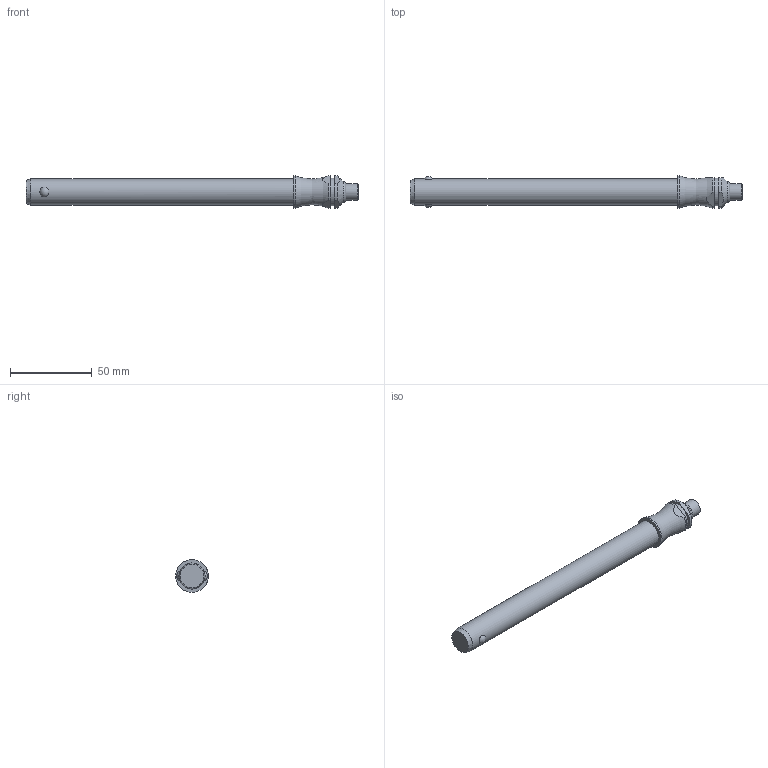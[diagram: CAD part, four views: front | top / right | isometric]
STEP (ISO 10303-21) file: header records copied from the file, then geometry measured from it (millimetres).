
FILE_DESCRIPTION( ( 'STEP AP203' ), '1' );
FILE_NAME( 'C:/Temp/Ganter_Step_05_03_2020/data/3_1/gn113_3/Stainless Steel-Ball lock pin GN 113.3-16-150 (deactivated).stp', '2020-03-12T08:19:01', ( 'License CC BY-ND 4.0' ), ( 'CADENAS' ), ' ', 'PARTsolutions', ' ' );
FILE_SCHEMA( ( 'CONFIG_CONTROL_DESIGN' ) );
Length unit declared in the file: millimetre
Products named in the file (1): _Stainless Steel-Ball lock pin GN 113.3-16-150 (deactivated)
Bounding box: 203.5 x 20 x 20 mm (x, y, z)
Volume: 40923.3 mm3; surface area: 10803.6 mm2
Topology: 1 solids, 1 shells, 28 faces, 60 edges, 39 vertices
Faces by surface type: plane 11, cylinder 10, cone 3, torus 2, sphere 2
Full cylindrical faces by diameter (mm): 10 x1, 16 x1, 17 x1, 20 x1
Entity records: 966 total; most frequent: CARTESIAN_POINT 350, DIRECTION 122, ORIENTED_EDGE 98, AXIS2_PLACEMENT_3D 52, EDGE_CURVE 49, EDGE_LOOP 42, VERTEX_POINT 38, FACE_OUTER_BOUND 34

────────────────────────────────────────

* [YOUR GOAL] Sift the material for lines with the string "Steel". Copy each one found.

* [RESULT BELOW]
FILE_NAME( 'C:/Temp/Ganter_Step_05_03_2020/data/3_1/gn113_3/Stainless Steel-Ball lock pin GN 113.3-16-150 (deactivated).stp', '2020-03-12T08:19:01', ( 'License CC BY-ND 4.0' ), ( 'CADENAS' ), ' ', 'PARTsolutions', ' ' );
Products named in the file (1): _Stainless Steel-Ball lock pin GN 113.3-16-150 (deactivated)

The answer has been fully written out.